Margo Jefferson grew up in Chicago in the 1950s and ’60s. Born to a paediatrician father and a socialite mother, she experienced a particular type of privilege: that of the well-off, educated, black family. Personal experience is interwoven with the history of those Jefferson identifies as belonging to Negroland: Frances Jackson Coppin and Joseph Willson, for example; and cultural commentary on film, television and the media, discussing those black men and women who did appear on and in those mediums and what they came to represent for black communities. Negroland is a superb book which consider the intersections of race, class and gender. It’s a fascinating read and an insight into an underexplored area of society.
The Argonauts charts Nelson’s relationship with the artist Harry Dodge, including the conception and birth of their son, Iggy, and Dodge’s decision to begin taking testosterone and have top surgery. The Argonauts is not straightforward memoir, it is intellectual argument illuminated by personal experience and supported by academic rigour. It explores love – constructing and maintaining a relationship outside of heteronormativity and maternal love as stepmother and mother (the latter from the point of view of adult child and parent as well as the expectant mother/mother of a young child) – and the body – sex, gender fluidity, pregnancy and birth. Rigorous and fascinating.
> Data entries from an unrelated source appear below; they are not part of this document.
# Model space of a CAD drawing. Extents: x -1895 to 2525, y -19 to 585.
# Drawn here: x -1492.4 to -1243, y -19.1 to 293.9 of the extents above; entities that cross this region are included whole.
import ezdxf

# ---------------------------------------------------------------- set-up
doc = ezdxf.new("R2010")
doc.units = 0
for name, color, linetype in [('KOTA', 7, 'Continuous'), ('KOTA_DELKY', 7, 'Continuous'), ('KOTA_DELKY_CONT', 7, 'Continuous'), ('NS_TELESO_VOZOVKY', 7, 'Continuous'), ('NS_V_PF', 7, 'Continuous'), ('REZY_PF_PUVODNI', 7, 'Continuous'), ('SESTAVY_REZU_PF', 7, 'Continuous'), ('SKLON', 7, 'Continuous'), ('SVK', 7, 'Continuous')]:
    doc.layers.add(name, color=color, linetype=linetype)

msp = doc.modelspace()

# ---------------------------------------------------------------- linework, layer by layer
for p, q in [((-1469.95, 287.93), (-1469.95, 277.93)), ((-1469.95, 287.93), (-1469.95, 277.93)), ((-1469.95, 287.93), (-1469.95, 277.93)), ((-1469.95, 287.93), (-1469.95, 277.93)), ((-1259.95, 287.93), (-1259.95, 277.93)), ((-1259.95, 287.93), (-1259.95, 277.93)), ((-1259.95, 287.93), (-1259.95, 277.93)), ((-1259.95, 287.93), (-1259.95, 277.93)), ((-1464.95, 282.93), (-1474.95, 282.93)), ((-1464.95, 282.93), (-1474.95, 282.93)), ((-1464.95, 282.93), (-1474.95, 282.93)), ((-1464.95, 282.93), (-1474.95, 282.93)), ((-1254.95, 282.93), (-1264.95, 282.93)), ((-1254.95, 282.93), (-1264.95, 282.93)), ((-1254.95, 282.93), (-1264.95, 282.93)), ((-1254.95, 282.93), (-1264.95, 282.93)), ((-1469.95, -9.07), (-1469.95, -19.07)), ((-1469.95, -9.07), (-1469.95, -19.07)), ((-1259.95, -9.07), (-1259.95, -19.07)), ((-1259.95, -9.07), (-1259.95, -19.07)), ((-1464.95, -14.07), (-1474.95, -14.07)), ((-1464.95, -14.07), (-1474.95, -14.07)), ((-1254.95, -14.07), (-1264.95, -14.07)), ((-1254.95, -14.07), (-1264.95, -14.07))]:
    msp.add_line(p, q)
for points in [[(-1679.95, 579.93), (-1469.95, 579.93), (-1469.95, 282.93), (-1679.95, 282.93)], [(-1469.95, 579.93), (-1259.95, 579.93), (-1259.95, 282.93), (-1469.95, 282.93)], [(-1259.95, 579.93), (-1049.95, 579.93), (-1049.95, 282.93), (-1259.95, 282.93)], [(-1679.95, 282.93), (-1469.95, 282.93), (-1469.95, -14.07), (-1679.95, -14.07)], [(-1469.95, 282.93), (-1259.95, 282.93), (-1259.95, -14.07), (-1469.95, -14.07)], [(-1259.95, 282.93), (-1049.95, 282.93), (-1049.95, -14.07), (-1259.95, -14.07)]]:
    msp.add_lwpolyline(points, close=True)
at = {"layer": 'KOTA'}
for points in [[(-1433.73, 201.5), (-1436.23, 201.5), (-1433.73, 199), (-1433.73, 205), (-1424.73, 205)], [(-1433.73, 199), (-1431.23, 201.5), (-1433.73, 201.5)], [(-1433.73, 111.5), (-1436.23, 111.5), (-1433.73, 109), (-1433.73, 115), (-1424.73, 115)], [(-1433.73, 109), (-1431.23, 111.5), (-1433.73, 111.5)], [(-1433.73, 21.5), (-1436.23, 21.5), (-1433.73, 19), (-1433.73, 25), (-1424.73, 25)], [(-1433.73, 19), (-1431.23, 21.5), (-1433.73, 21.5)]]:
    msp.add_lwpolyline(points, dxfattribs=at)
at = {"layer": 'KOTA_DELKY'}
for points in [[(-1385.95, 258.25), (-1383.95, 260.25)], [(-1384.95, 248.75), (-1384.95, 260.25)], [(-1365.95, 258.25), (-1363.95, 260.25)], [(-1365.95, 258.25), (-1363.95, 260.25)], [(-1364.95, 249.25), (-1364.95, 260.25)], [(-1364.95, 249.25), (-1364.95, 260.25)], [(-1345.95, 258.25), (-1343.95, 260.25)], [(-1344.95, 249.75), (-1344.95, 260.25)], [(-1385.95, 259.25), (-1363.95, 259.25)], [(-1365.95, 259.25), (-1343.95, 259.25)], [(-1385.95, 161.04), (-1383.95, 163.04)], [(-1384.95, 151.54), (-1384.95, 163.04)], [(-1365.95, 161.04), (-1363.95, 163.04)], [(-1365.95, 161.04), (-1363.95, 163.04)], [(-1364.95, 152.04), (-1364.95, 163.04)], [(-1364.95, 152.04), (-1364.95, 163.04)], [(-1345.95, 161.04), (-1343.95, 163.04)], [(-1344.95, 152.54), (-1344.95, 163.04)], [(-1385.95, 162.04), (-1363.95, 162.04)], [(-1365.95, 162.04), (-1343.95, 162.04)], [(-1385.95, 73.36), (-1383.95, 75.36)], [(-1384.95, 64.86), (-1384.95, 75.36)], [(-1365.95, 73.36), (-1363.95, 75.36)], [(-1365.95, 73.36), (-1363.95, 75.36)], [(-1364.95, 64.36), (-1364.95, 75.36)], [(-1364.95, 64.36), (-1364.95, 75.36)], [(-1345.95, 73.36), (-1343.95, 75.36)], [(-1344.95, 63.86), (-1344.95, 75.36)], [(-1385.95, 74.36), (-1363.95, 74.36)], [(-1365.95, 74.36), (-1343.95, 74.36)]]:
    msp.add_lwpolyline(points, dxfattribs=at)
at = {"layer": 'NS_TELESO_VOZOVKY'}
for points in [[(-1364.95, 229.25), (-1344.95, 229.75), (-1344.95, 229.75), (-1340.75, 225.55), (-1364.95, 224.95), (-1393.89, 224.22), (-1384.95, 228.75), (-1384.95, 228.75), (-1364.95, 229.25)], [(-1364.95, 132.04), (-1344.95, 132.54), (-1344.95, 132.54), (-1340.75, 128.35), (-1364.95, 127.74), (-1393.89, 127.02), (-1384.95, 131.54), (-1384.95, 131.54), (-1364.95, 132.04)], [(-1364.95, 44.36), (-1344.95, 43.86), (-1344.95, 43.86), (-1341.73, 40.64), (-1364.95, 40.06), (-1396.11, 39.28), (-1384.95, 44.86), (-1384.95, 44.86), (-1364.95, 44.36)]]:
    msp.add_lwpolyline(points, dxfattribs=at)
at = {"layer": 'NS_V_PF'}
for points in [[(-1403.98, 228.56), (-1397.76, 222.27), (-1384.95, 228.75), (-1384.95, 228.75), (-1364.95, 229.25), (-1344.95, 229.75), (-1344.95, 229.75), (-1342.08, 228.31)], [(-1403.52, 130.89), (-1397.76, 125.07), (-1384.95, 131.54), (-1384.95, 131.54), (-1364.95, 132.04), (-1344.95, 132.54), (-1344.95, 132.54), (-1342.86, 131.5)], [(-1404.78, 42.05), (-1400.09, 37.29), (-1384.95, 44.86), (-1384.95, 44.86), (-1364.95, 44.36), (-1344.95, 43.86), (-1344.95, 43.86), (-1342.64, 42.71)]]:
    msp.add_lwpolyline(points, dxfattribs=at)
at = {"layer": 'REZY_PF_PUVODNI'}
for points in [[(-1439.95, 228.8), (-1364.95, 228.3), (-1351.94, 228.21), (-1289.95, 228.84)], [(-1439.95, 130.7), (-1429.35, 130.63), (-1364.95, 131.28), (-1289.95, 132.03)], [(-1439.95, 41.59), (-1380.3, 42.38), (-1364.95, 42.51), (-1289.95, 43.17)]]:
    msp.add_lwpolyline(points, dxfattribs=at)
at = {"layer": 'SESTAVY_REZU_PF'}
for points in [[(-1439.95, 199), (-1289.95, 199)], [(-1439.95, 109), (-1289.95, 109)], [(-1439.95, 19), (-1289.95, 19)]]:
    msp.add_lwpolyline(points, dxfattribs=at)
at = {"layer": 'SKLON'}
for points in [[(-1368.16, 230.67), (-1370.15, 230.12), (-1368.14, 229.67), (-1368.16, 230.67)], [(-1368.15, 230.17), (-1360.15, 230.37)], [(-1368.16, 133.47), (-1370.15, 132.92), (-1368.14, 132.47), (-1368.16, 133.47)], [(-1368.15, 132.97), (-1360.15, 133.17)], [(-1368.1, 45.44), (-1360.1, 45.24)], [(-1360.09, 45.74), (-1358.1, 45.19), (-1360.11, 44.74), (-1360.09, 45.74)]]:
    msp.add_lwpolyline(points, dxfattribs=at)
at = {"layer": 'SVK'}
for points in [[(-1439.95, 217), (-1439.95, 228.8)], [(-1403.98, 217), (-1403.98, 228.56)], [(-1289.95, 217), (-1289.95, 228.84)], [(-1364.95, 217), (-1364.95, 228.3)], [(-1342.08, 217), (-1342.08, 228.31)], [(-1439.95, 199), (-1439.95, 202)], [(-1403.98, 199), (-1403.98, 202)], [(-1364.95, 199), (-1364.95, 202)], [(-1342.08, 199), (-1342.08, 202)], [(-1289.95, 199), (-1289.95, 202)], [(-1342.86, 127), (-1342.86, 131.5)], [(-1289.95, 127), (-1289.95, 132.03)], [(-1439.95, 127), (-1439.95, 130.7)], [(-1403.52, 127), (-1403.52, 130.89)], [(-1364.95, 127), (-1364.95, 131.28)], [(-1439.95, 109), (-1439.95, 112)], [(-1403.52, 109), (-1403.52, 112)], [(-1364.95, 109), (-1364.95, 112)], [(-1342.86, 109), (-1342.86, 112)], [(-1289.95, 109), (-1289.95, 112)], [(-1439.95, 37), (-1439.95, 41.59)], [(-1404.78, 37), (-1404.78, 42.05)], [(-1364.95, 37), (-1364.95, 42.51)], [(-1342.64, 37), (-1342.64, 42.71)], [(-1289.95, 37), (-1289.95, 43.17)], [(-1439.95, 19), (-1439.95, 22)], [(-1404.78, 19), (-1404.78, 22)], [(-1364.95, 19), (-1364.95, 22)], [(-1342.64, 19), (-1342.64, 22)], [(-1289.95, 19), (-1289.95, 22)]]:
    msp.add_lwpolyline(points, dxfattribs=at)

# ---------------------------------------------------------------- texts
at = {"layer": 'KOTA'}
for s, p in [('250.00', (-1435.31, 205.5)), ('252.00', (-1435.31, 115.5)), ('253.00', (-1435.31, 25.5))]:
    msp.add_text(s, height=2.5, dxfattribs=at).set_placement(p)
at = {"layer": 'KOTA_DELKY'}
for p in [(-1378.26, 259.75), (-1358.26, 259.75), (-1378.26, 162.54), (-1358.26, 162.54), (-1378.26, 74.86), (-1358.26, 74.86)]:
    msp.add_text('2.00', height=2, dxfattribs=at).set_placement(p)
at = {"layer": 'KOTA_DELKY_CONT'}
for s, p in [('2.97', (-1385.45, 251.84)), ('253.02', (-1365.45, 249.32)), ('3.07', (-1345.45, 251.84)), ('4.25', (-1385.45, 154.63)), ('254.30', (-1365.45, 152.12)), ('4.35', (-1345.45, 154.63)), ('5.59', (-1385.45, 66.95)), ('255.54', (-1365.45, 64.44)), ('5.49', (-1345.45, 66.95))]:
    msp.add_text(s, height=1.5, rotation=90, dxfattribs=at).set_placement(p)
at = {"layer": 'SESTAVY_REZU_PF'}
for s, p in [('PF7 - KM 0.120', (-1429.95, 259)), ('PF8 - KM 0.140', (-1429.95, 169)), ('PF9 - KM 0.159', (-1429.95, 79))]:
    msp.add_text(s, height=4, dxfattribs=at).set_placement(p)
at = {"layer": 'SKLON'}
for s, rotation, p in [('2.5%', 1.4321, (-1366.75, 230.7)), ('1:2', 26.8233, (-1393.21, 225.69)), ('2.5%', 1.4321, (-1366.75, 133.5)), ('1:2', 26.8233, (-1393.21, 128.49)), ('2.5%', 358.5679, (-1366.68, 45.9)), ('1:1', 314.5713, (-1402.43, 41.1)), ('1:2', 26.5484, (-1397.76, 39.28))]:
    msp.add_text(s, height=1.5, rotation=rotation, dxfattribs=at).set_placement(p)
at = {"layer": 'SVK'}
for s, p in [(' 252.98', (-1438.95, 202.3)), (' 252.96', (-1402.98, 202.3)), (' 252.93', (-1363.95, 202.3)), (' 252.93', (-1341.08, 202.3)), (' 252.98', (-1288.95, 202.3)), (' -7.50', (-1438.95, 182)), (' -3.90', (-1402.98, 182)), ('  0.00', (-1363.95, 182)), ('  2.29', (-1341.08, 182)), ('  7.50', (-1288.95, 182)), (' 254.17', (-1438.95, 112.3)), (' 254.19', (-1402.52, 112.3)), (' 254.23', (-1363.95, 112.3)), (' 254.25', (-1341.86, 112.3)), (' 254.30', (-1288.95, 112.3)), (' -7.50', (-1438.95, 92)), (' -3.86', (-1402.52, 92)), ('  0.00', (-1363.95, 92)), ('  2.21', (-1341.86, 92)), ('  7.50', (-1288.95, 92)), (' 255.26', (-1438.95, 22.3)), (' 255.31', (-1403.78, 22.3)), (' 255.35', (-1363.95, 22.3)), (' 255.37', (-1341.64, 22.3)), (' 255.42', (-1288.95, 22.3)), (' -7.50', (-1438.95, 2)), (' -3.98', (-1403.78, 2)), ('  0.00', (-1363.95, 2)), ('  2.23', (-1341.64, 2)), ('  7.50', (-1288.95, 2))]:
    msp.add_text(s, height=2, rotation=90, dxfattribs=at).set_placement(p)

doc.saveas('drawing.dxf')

The Lonely City – Olivia Laing
Laing examines the idea of being lonely in the busiest place on earth – the city, specifically in her case New York City. Part memoir, part mediation on art, Laing looks at a number of artists who’ve dealt with the theme of loneliness – in their work and often in their private lives too – focusing in on Edward Hopper, Andy Warhol, Henry Darger and David Wojnarowicz. The Lonely City is a fascinating exploration of what loneliness is; how we attempt to stave it off; why some people are consumed by it, and what its relationship to artistic creation might be.